ThinkingBob brought ‘The Big Data Debate’ to Club Workspace and in so doing, made their first ever appearance at our Clerkenwell venue. The Big Data Debate brought a flood of techies into Club Workspace, all of whom were eager to learn more about big data.
Before we get into the nitty gritty, Big Data deserves an explanation. Big Data is a term used to refer to data-sets that have grown so large that ‘normal’ software finds it awkward or impossible to process them. ‘Big Data’ is, by definition, data that is too big for normal procedure.
James from LexisNexis
James, the Head of Strategic Analysis at LexisNexis, explained that he is someone who uses a system that deals with big data exceptionally well.
LexisNexis curate and license authoritative content, and disperse it to those who need it.
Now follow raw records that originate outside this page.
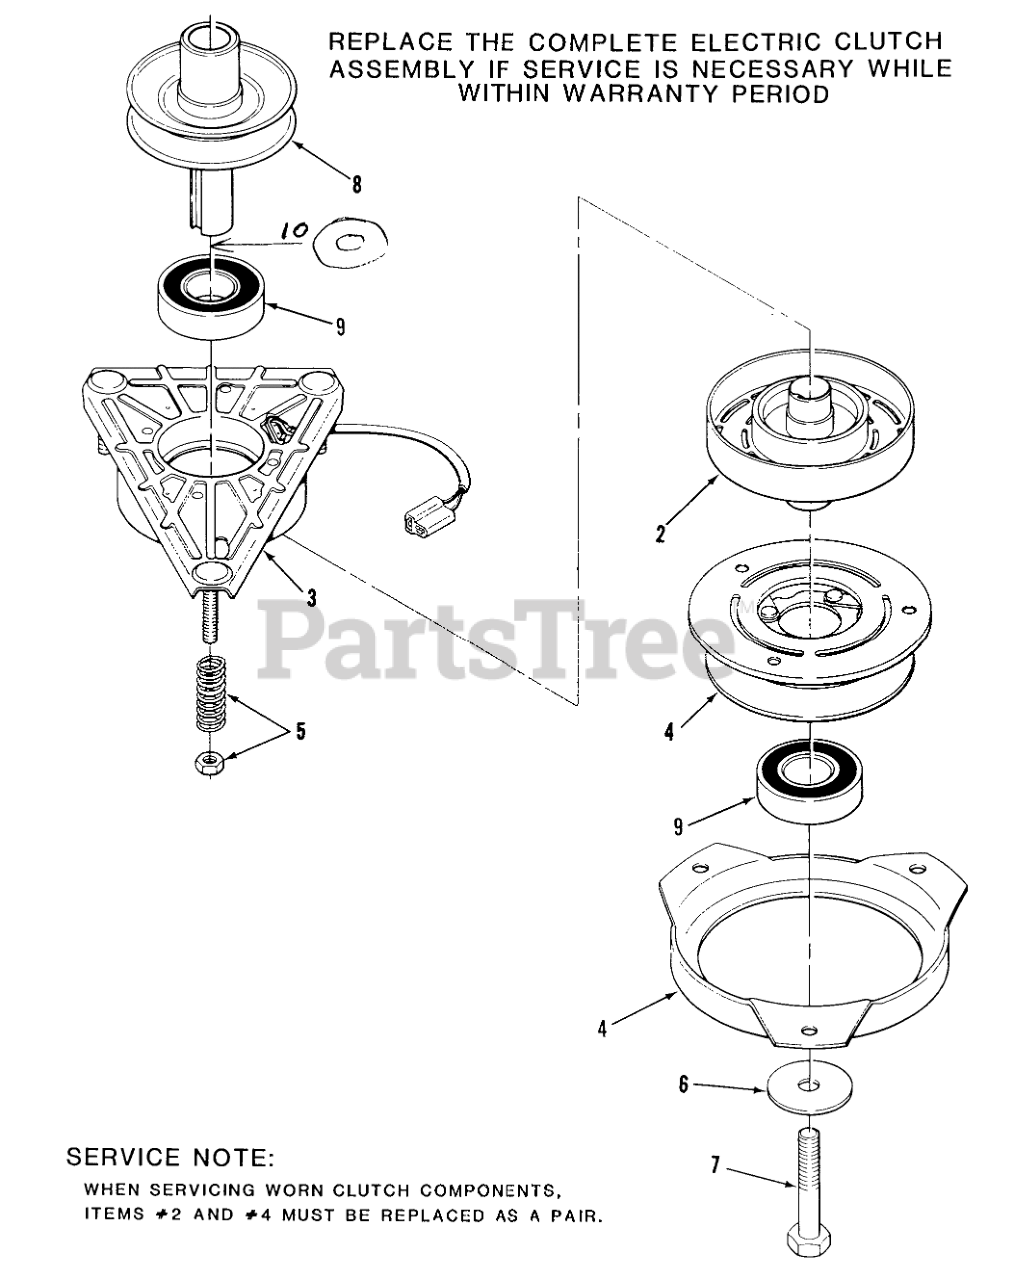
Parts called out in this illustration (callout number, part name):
2	Rotor Assy
3	Field Assy (includes one of item 9)
4	Armature and Pulley Assy (includes one of item 9 and Brake Plate)
5	4XC6898/4XF6899 CLU
6	Washer
7	Bolt M10x1.50 x 120. (212-5, 212-H)
8	33054A GIL/938 TRAI
9	Ball Bearing
10	Washer
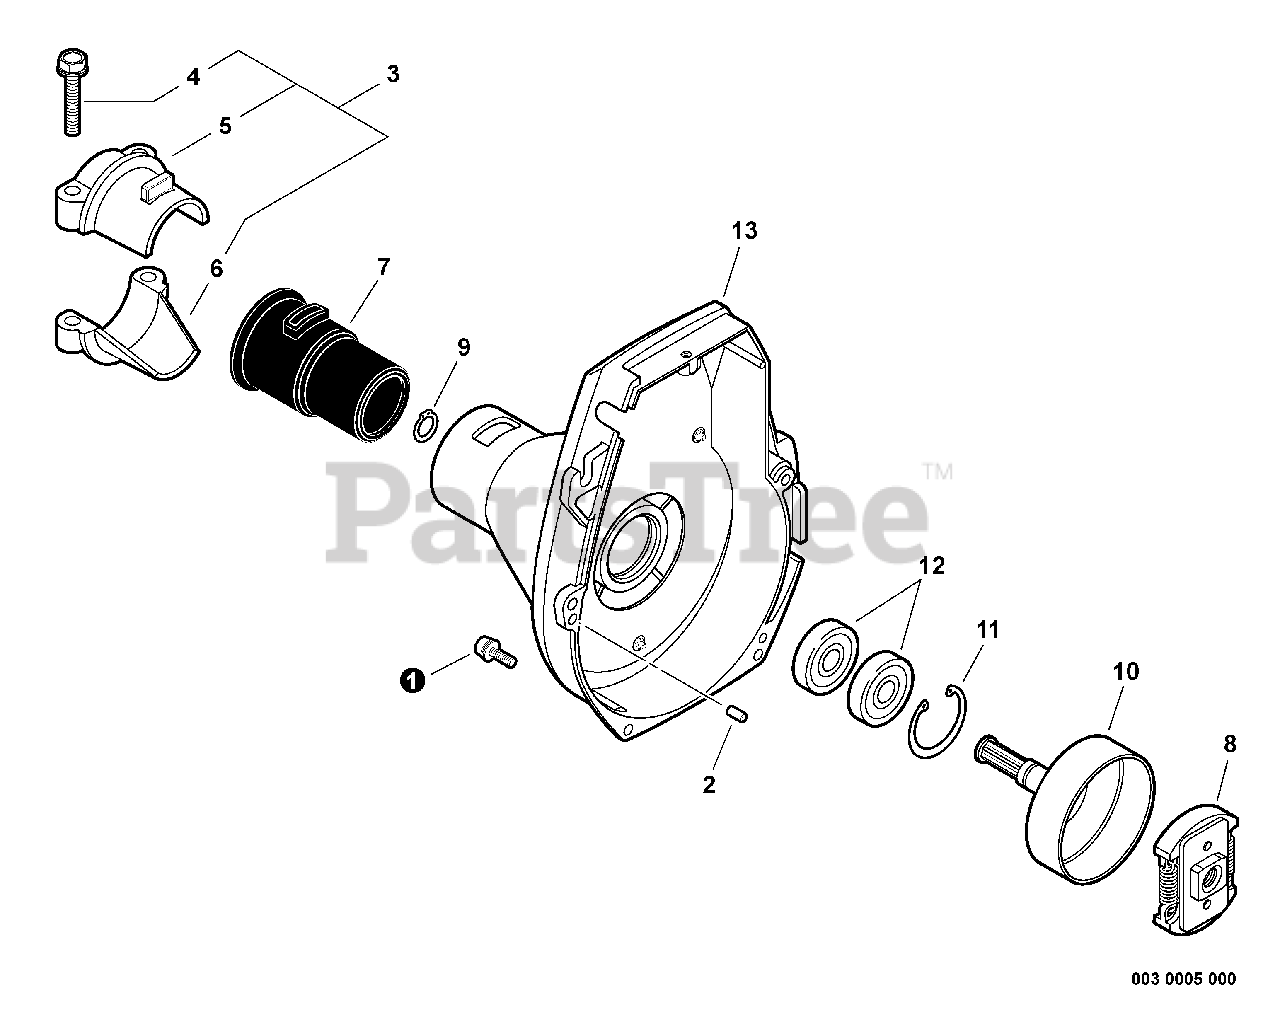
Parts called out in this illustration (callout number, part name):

For example, they collate a whole heap of data, package up all of the data on a certain subject - ‘startups in London’, perhaps! - and send it out to those who need that information.
LexisNexis cast a wide net, and pick up data over 4000 sources, some of which are quite niche. Over 25 million documents are filed by LexisNexis every day, and they sort them into four different taxonomies.
Therefore, if LexisNexis didn’t have a ‘big system’ to sort their ‘big data’, they couldn’t provide their service.
Adam from Mongo DB
Adam from Mongo DB explained the technical wizardry that goes on when you’re creating a system that deals with big data.
He first explained that vertical scaling gets very expensive, very quickly. Horizontal scaling is the way to go, it’s the Mondo way! Adam dispelled the myth that all developers think they need is a shema and an index, it won’t scale up!
What Adam recommends is to have one active node, and two subsequent nodes that replicate data. Those three nodes equal a shard. The process of adding more shards, that is horizontal scaling.
Adam warned developers that shards can ‘compete’ if they’re not properly built. He’s seen situations in the past where the second shard has deleted all of Shard One’s data! To avoid this, it’s best to build all of the shard that you’ll need in one installment. Rolling out subsequent shards when 3 are already build, for example, can cause problems.
Thank you to the team from ThinkingBob who put on a great event, and filled the Club with new faces! Thank you, of course, to Adam and James for sharing their expertise.